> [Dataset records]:
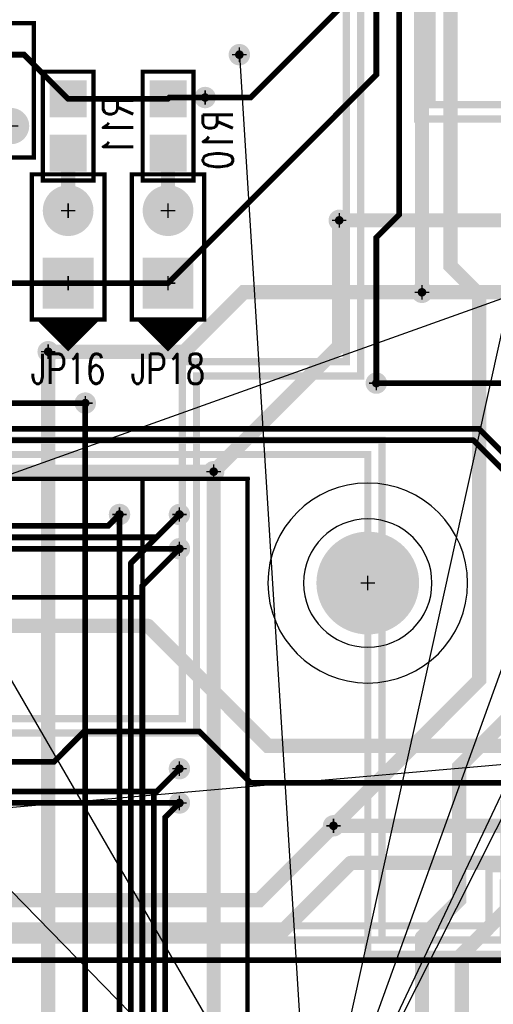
# Model space of a CAD drawing. Extents: x -1 to 210, y -5 to 148.
# Tile 46 of 52: x 159 to 175, y 62 to 96. Entities that reach past the tile are written whole.
import ezdxf
from ezdxf.enums import TextEntityAlignment as Align

# ---------------------------------------------------------------- set-up
doc = ezdxf.new("R2010")
doc.units = 0
for name, pattern in [('KEEPOUT_00011110', [2, 1, 1]), ('POUR_01_-1_0_000000', [2, 1, 1]), ('SIG_115', [2, 1, 1]), ('SIG_116', [2, 1, 1]), ('SIG_12', [2, 1, 1]), ('SIG_121', [2, 1, 1]), ('SIG_122', [2, 1, 1]), ('SIG_132', [2, 1, 1]), ('SIG_135', [2, 1, 1]), ('SIG_136', [2, 1, 1]), ('SIG_147', [2, 1, 1]), ('SIG_15', [2, 1, 1]), ('SIG_169', [2, 1, 1]), ('SIG_180', [2, 1, 1]), ('SIG_198', [2, 1, 1]), ('SIG_202', [2, 1, 1]), ('SIG_222', [2, 1, 1]), ('SIG_223', [2, 1, 1]), ('SIG_228', [2, 1, 1]), ('SIG_229', [2, 1, 1]), ('SIG_230', [2, 1, 1]), ('SIG_241', [2, 1, 1]), ('SIG_52', [2, 1, 1]), ('SIG_89', [2, 1, 1]), ('SIG_9', [2, 1, 1]), ('SIG_91', [2, 1, 1]), ('SIG_93', [2, 1, 1]), ('SIG_94', [2, 1, 1]), ('SIG_99', [2, 1, 1])]:
    doc.linetypes.add(name, pattern=pattern)
for name, color, linetype in [('DRIL_NPLTE_THRU_01', 176, 'CONTINUOUS'), ('DRIL_NPLTE_THRU_02', 255, 'CONTINUOUS'), ('DRIL_NPLTE_THRU_03', 106, 'CONTINUOUS'), ('DRIL_NPLTE_THRU_04', 16, 'CONTINUOUS'), ('DRIL_PLTE_THRU_01', 176, 'CONTINUOUS'), ('DRIL_PLTE_THRU_02', 255, 'CONTINUOUS'), ('DRIL_PLTE_THRU_03', 106, 'CONTINUOUS'), ('DRIL_PLTE_THRU_04', 16, 'CONTINUOUS'), ('DRIL_SYMBOL', 254, 'CONTINUOUS'), ('KEEPOUT_-1', 254, 'CONTINUOUS'), ('KEEPOUT_00', 34, 'CONTINUOUS'), ('KEEPOUT_01', 34, 'CONTINUOUS'), ('LINK_00', 57, 'CONTINUOUS'), ('PADS_BOT', 1, 'CONTINUOUS'), ('PADS_INNER', 5, 'CONTINUOUS'), ('PADS_TOP', 5, 'CONTINUOUS'), ('PART_BOT_2DLINE_00', 6, 'CONTINUOUS'), ('PART_NAME_01', 4, 'CONTINUOUS'), ('PART_NAME_04', 6, 'CONTINUOUS'), ('PART_TOP_2DLINE_00', 4, 'CONTINUOUS'), ('PART_TOP_2DLINE_01', 4, 'CONTINUOUS'), ('POUR_HEADER_02', 253, 'CONTINUOUS'), ('POUR_HEADER_03', 112, 'CONTINUOUS'), ('TRACE_01', 5, 'CONTINUOUS'), ('TRACE_04', 1, 'CONTINUOUS'), ('VIAPTS', 5, 'CONTINUOUS')]:
    doc.layers.add(name, color=color, linetype=linetype)
doc.styles.add('W0$15', font='simplex', dxfattribs={"width": 0.75})

# ---------------------------------------------------------------- blocks, each defined once
blk = doc.blocks.new('POUR_HEADER_1')
at = {"layer": 'POUR_HEADER_02', "linetype": 'POUR_01_-1_0_000000', "const_width": 0.25}
for points in [[(61.25, -2), (168.25, -2), (168.25, -42.75), (183.25, -42.75), (183.25, -48.75), (161.5, -48.75), (161.5, -50.75), (122.75, -50.75)], [(119, -44.75), (130, -44.75), (130, -46.5), (142.25, -46.5), (142.25, -44), (151.25, -44), (151.25, -31.5), (157, -31.5), (157, -7.75), (66.75, -7.75)]]:
    blk.add_lwpolyline(points, dxfattribs=at)
blk = doc.blocks.new('POUR_HEADER_2')
at = {"layer": 'POUR_HEADER_02', "linetype": 'POUR_01_-1_0_000000', "const_width": 0.25}
for points in [[(-69.75, 44.5), (38.25, 44.5), (38.25, 3.75), (53.25, 3.75), (53.25, -3.25), (31.5, -3.25), (31.5, -5.25), (-7.25, -5.25)], [(-23.5, 9.75), (0, 9.75), (0, 0), (11.25, 0), (11.25, 2.5), (20.25, 2.5), (20.25, 15), (26, 15), (26, 37.75), (-63.25, 37.75)]]:
    blk.add_lwpolyline(points, dxfattribs=at)
blk = doc.blocks.new('POUR_HEADER_4')
at = {"layer": 'POUR_HEADER_03', "linetype": 'POUR_01_-1_0_000000', "const_width": 0.25}
blk.add_lwpolyline([(-19.75, -1.25), (15.75, -1.25), (15.75, -4.75), (25.25, -4.75), (25.25, -61.25), (-2.25, -61.25), (-2.25, -106), (-25.75, -106), (-25.75, -70.75), (-16.75, -70.75), (-16.75, -50.25), (-30.5, -50.25), (-30.5, -40), (-53.25, -40), (-53.25, -46), (-59, -46), (-59, -34.75), (-2.25, -34.75), (-2.25, -52.25), (22, -52.25), (22, -22.5), (0, -22.5), (0, -6.5), (-19.75, -6.5)], close=True, dxfattribs=at)
blk = doc.blocks.new('POUR_HEADER_5')
at = {"layer": 'POUR_HEADER_03', "linetype": 'POUR_01_-1_0_000000', "const_width": 0.25}
blk.add_lwpolyline([(-17, -10), (33.25, -10), (33.25, -20.5), (55.25, -20.5), (55.25, -49.25), (32, -49.25), (32, -31.75), (-25.75, -31.75)], dxfattribs=at)
blk = doc.blocks.new('SMOOTH_0$15')
at = {"const_width": 0.075}
blk.add_lwpolyline([(-0.0375, 0, 1), (0.0375, 0, 1)], format="xyb", close=True, dxfattribs=at)
blk = doc.blocks.new('PART_BODY_BOT_21')
at = {"layer": 'PART_BOT_2DLINE_00', "const_width": 0.15}
blk.add_lwpolyline([(1.905, -0.889), (1.905, 0.889), (-1.905, 0.889), (-1.905, -0.889)], close=True, dxfattribs=at)
at = {"layer": 'PART_BOT_2DLINE_00'}
for p in [(-1.905, 0.889), (1.905, 0.889), (-1.905, -0.889), (1.905, -0.889)]:
    blk.add_blockref('SMOOTH_0$15', p, dxfattribs=at)
blk = doc.blocks.new('DRIL_HOLE_0')
blk.add_lwpolyline([(0, 0, 1), (0, 0, 1)], format="xyb", close=True)
blk = doc.blocks.new('PAD_0')
blk.add_lwpolyline([(0, 0, 1), (0, 0, 1)], format="xyb", close=True)
blk = doc.blocks.new('PAD_1')
at = {"const_width": 1.2954}
blk.add_lwpolyline([(-0.6477, 0), (0.6477, 0)], dxfattribs=at)
blk = doc.blocks.new('STK_BOT_4')
at = {"layer": 'DRIL_PLTE_THRU_01'}
blk.add_blockref('DRIL_HOLE_0', (0, 0), dxfattribs=at)
at = {"layer": 'DRIL_PLTE_THRU_02'}
blk.add_blockref('DRIL_HOLE_0', (0, 0), dxfattribs=at)
at = {"layer": 'DRIL_PLTE_THRU_03'}
blk.add_blockref('DRIL_HOLE_0', (0, 0), dxfattribs=at)
at = {"layer": 'DRIL_PLTE_THRU_04'}
blk.add_blockref('DRIL_HOLE_0', (0, 0), dxfattribs=at)
at = {"layer": 'PADS_BOT'}
blk.add_blockref('PAD_1', (0, 0), dxfattribs=at)
at = {"layer": 'PADS_INNER'}
blk.add_blockref('PAD_0', (0, 0), dxfattribs=at)
at = {"layer": 'PADS_TOP'}
blk.add_blockref('PAD_0', (0, 0), dxfattribs=at)
blk = doc.blocks.new('SYM_BOT_2')
for name, p in [('PART_BODY_BOT_21', (0, 0)), ('STK_BOT_4', (-0.9525, 0)), ('STK_BOT_4', (0.9525, 0))]:
    blk.add_blockref(name, p)
blk = doc.blocks.new('PART_BOT_112')
blk.add_blockref('SYM_BOT_2', (0, 0))
at = {"layer": 'PART_NAME_04', "style": 'W0$15', "width": 0.75}
blk.add_text('R11', height=1.05, rotation=180, dxfattribs=at).set_placement((0, 1.75), align=Align.MIDDLE_CENTER)
blk = doc.blocks.new('PART_BODY_TOP_40')
at = {"layer": 'KEEPOUT_-1', "linetype": 'KEEPOUT_00011110'}
blk.add_lwpolyline([(-3.5, 0, 1), (3.5, 0, 1)], format="xyb", close=True, dxfattribs=at)
at = {"layer": 'KEEPOUT_00', "linetype": 'KEEPOUT_00011110'}
blk.add_lwpolyline([(-2.25, 0, 1), (2.25, 0, 1)], format="xyb", close=True, dxfattribs=at)
at = {"layer": 'KEEPOUT_01', "linetype": 'KEEPOUT_00011110'}
blk.add_lwpolyline([(-3.5, 0, 1), (3.5, 0, 1)], format="xyb", close=True, dxfattribs=at)
blk = doc.blocks.new('DRIL_SYMBOL_3$6')
at = {"layer": 'DRIL_SYMBOL', "const_width": 0.0508}
for points in [[(-0.254, 0), (0.254, 0)], [(0, -0.254), (0, 0.254)]]:
    blk.add_lwpolyline(points, dxfattribs=at)
blk = doc.blocks.new('DRIL_HOLE_3$6')
at = {"const_width": 1.8}
blk.add_lwpolyline([(-0.9, 0, 1), (0.9, 0, 1)], format="xyb", close=True, dxfattribs=at)
blk.add_blockref('DRIL_SYMBOL_3$6', (0, 0))
blk = doc.blocks.new('PAD_19')
at = {"const_width": 0.381}
blk.add_lwpolyline([(0, -0.1905, 1), (0, 0.1905, 1)], format="xyb", close=True, dxfattribs=at)
blk = doc.blocks.new('STK_TOP_27')
at = {"layer": 'DRIL_NPLTE_THRU_01'}
blk.add_blockref('DRIL_HOLE_3$6', (0, 0), dxfattribs=at)
at = {"layer": 'DRIL_NPLTE_THRU_02'}
blk.add_blockref('DRIL_HOLE_3$6', (0, 0), dxfattribs=at)
at = {"layer": 'DRIL_NPLTE_THRU_03'}
blk.add_blockref('DRIL_HOLE_3$6', (0, 0), dxfattribs=at)
at = {"layer": 'DRIL_NPLTE_THRU_04'}
blk.add_blockref('DRIL_HOLE_3$6', (0, 0), dxfattribs=at)
at = {"layer": 'PADS_BOT'}
blk.add_blockref('PAD_19', (0, 0), dxfattribs=at)
at = {"layer": 'PADS_INNER'}
blk.add_blockref('PAD_19', (0, 0), dxfattribs=at)
at = {"layer": 'PADS_TOP'}
blk.add_blockref('PAD_19', (0, 0), dxfattribs=at)
blk = doc.blocks.new('SYM_TOP_21')
for name in ['PART_BODY_TOP_40', 'STK_TOP_27']:
    blk.add_blockref(name, (0, 0))
blk = doc.blocks.new('PART_TOP_132')
blk.add_blockref('SYM_TOP_21', (0, 0))
blk = doc.blocks.new('SMOOTH_0$1524')
at = {"const_width": 0.0762}
blk.add_lwpolyline([(-0.0381, 0, 1), (0.0381, 0, 1)], format="xyb", close=True, dxfattribs=at)
blk = doc.blocks.new('PART_BODY_TOP_54')
at = {"layer": 'PART_TOP_2DLINE_01', "const_width": 0.1524}
blk.add_lwpolyline([(25.15, -31.8), (25.15, -28.1), (21, -28.1), (21, 20.95), (-21, 20.95), (-21, -28.15), (-25.2, -28.15)], dxfattribs=at)
blk.add_lwpolyline([(-25.15, 20.92), (25.15, 20.92), (25.15, -31.78), (-25.15, -31.78)], close=True, dxfattribs=at)
at = {"layer": 'PART_TOP_2DLINE_01'}
for p in [(21, -28.1), (25.15, -28.1), (25.15, -31.78), (25.15, -31.8)]:
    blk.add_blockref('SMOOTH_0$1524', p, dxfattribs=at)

> [What to work on]: Every line in the data that holds the string "import" should be copied.

> [Exercise solution]:
import ezdxf
from ezdxf.enums import TextEntityAlignment as Align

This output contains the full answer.